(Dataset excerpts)

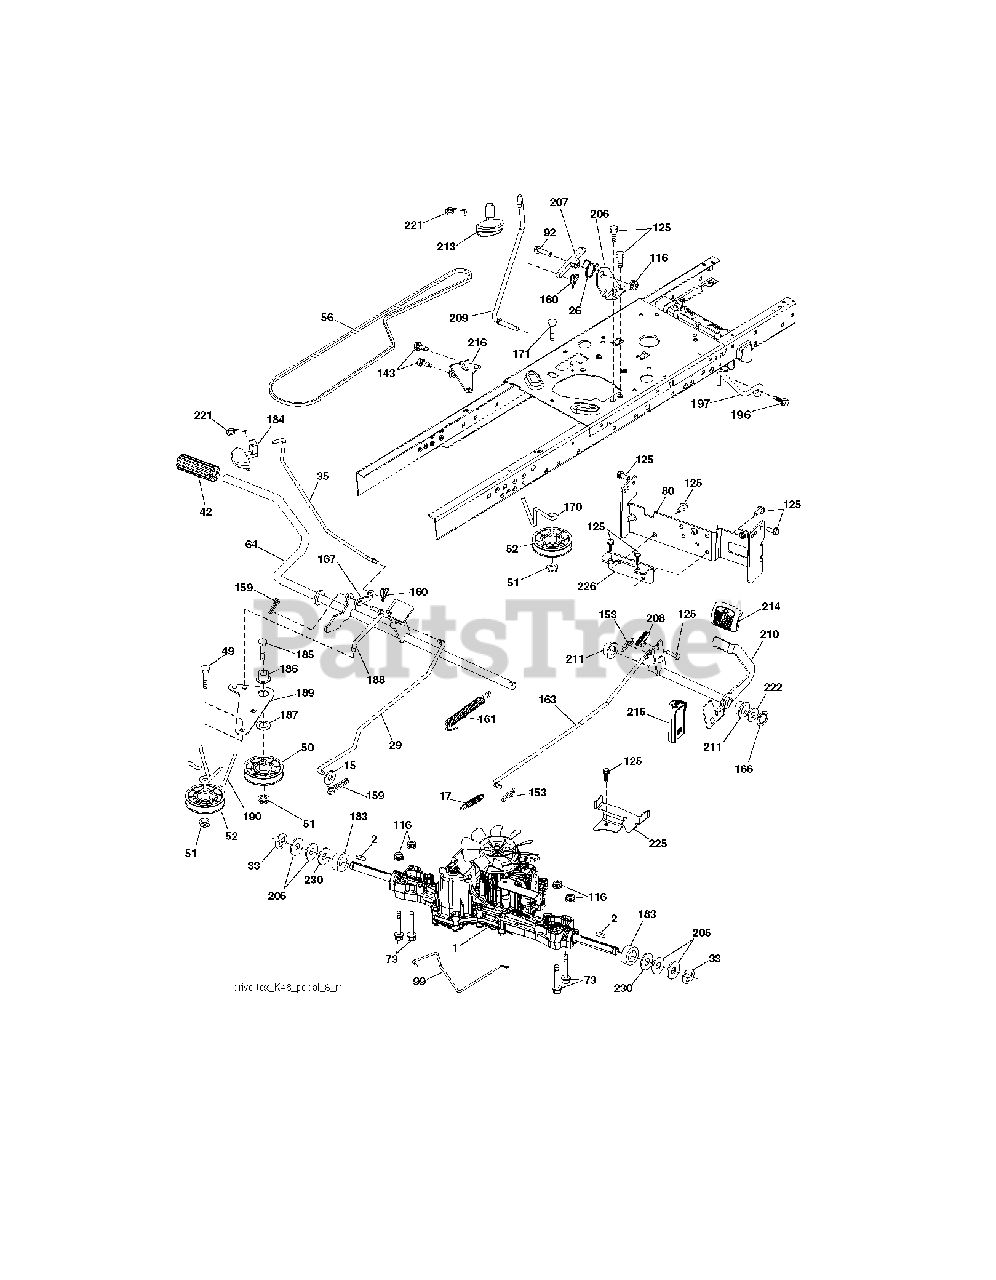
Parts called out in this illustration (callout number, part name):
2	SQUARE KEY
15	WASHER
17	SPRING.BRAKE.K46.GREEN
26	SPRING.RETURN.CRUISE
29	ROD.BRAKE.K46
35	ROD.BRAKE.PARKING.GT.H
42	PEDAL COVER T
50	IDLER.FLAT.910.OFFSET
51	NUT LOCK FLG 3/8-16 UNC
52	IDLER.V-GROOVE.910.OFFSET
56	V-BELT.MOWER.92.40.42/K46
64	SHAFT.ASM.PEDAL.BRK.CNTR
73	BOLT HEX 5/16-18 GR 5
80	STRAP TORQUE
92	BOLT
99	ROD.SPRING.BYPASS.K46.LT.Z
116	NUT LOCK HEX FLANGE 5/16-18
125	SCREW
143	SCREW LT
153	RETAINER M
159	COTTER PIN
160	RETAINER CLIP
161	SPRING, RETURN LT
163	ROD.CONTROL.PEDAL.K46
166	NUT.PUSH.625
167	LATCH.BRAKE.SPRING
170	KEEPER.V-IDLER.CENTER.
183	SPACER AXLE
184	HANDLE.PARKG.BRK.HUSQ X667
186	SPACER.RETAINER
187	WASHER 12/32X2X10GA
188	RP LINK.CLUTCH.GROUND.DRIVE
189	BELLCRANK.GROUND.DRIVE.TEX.
190	KEEPER.BELLCRANK.DRIVE
196	SCREW 3/8-16X1
197	LINK.CLUTCH.ANIT-ROTAT
206	BRKT.MOUNT.LATCH.CRUIS
207	LATCH.CONTROL.CRUISE
208	GEAR.SECTOR.CONTROL.CR
209	ROD.CONTROL.CRUISE.GT.
210	ROCKER.ASM.PEDAL.CONTR
211	BEARING.NYLON
213	KNOB.CONTROL.CRUSIE.HU
214	PEDAL.FORWARD.PAD.TEX
215	PEDAL.REVERSE.TEX.GT.4
216	BRACKET.PULLEY.IDLER.W/TEX
221	RETAINER.SPRING.CLIP.H
222	WASHER 21/32 X 1-1/4 X 10 GA.
225	KEEPER.BELT.TRANSAXLE.K46
226	BRACKET.MOUNT.TORQUE.K46.TLT
230	WASHER.HARDENED
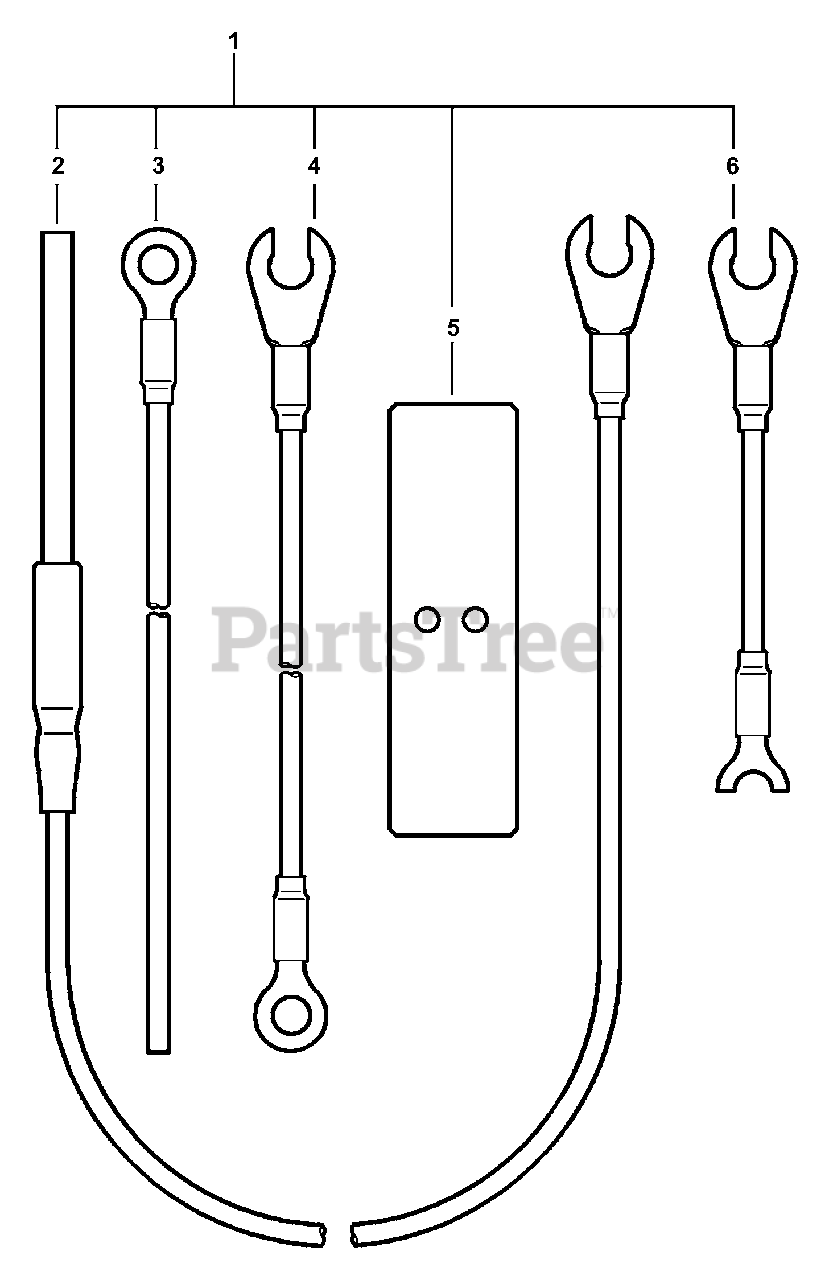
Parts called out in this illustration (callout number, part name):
1	STATIC PROTECTION KIT
3	LEAD 900 MM
4	LEAD
5	TAPE, ADHESIVE
6	LEAD
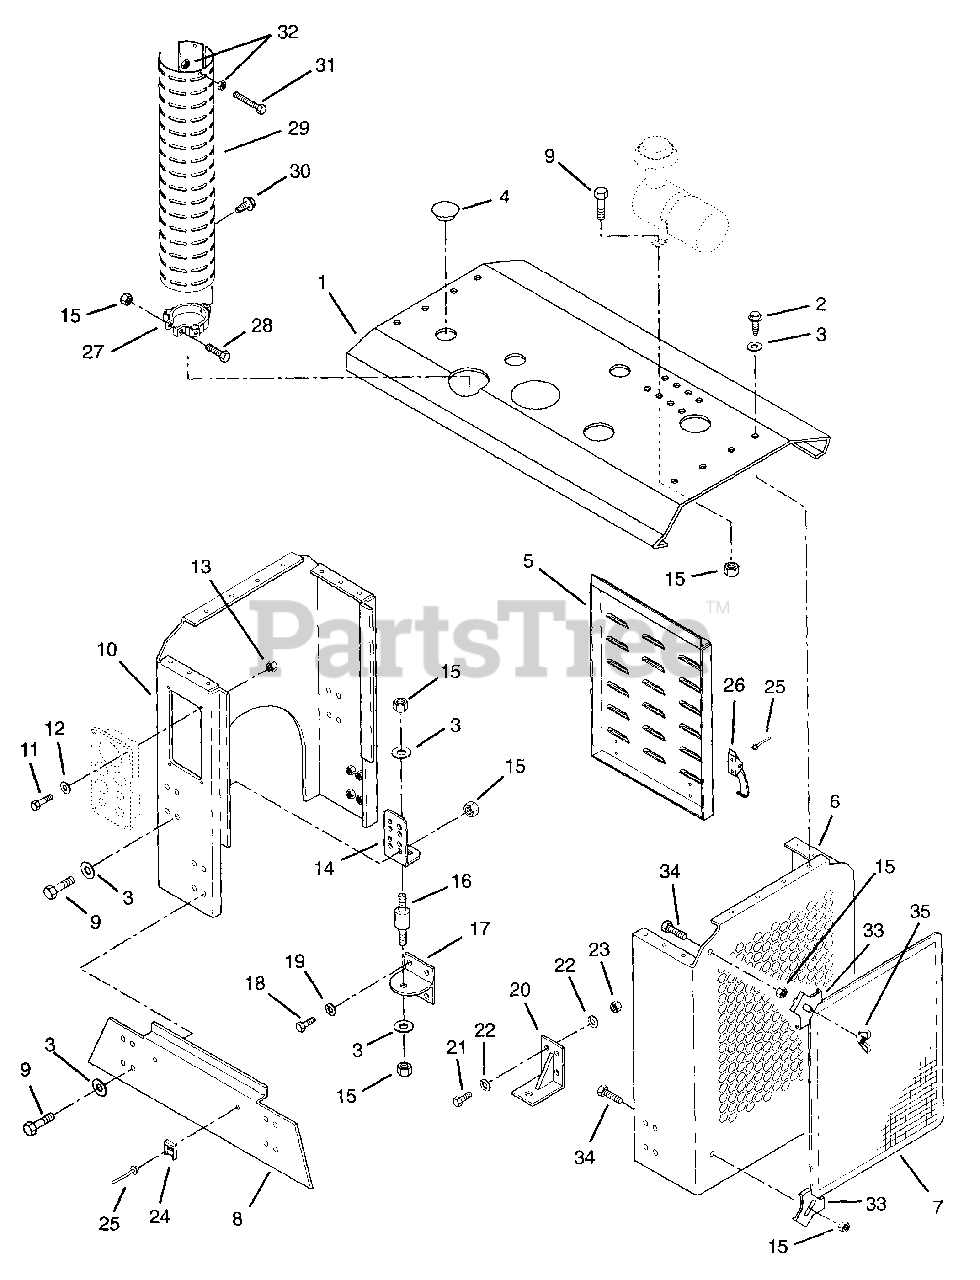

:: Exercise objective ::
Copy out all the data above exactly, minus the images.

:: Response ::
Parts called out in this illustration (callout number, part name):
2	SQUARE KEY
15	WASHER
17	SPRING.BRAKE.K46.GREEN
26	SPRING.RETURN.CRUISE
29	ROD.BRAKE.K46
35	ROD.BRAKE.PARKING.GT.H
42	PEDAL COVER T
50	IDLER.FLAT.910.OFFSET
51	NUT LOCK FLG 3/8-16 UNC
52	IDLER.V-GROOVE.910.OFFSET
56	V-BELT.MOWER.92.40.42/K46
64	SHAFT.ASM.PEDAL.BRK.CNTR
73	BOLT HEX 5/16-18 GR 5
80	STRAP TORQUE
92	BOLT
99	ROD.SPRING.BYPASS.K46.LT.Z
116	NUT LOCK HEX FLANGE 5/16-18
125	SCREW
143	SCREW LT
153	RETAINER M
159	COTTER PIN
160	RETAINER CLIP
161	SPRING, RETURN LT
163	ROD.CONTROL.PEDAL.K46
166	NUT.PUSH.625
167	LATCH.BRAKE.SPRING
170	KEEPER.V-IDLER.CENTER.
183	SPACER AXLE
184	HANDLE.PARKG.BRK.HUSQ X667
186	SPACER.RETAINER
187	WASHER 12/32X2X10GA
188	RP LINK.CLUTCH.GROUND.DRIVE
189	BELLCRANK.GROUND.DRIVE.TEX.
190	KEEPER.BELLCRANK.DRIVE
196	SCREW 3/8-16X1
197	LINK.CLUTCH.ANIT-ROTAT
206	BRKT.MOUNT.LATCH.CRUIS
207	LATCH.CONTROL.CRUISE
208	GEAR.SECTOR.CONTROL.CR
209	ROD.CONTROL.CRUISE.GT.
210	ROCKER.ASM.PEDAL.CONTR
211	BEARING.NYLON
213	KNOB.CONTROL.CRUSIE.HU
214	PEDAL.FORWARD.PAD.TEX
215	PEDAL.REVERSE.TEX.GT.4
216	BRACKET.PULLEY.IDLER.W/TEX
221	RETAINER.SPRING.CLIP.H
222	WASHER 21/32 X 1-1/4 X 10 GA.
225	KEEPER.BELT.TRANSAXLE.K46
226	BRACKET.MOUNT.TORQUE.K46.TLT
230	WASHER.HARDENED
Parts called out in this illustration (callout number, part name):
1	STATIC PROTECTION KIT
3	LEAD 900 MM
4	LEAD
5	TAPE, ADHESIVE
6	LEAD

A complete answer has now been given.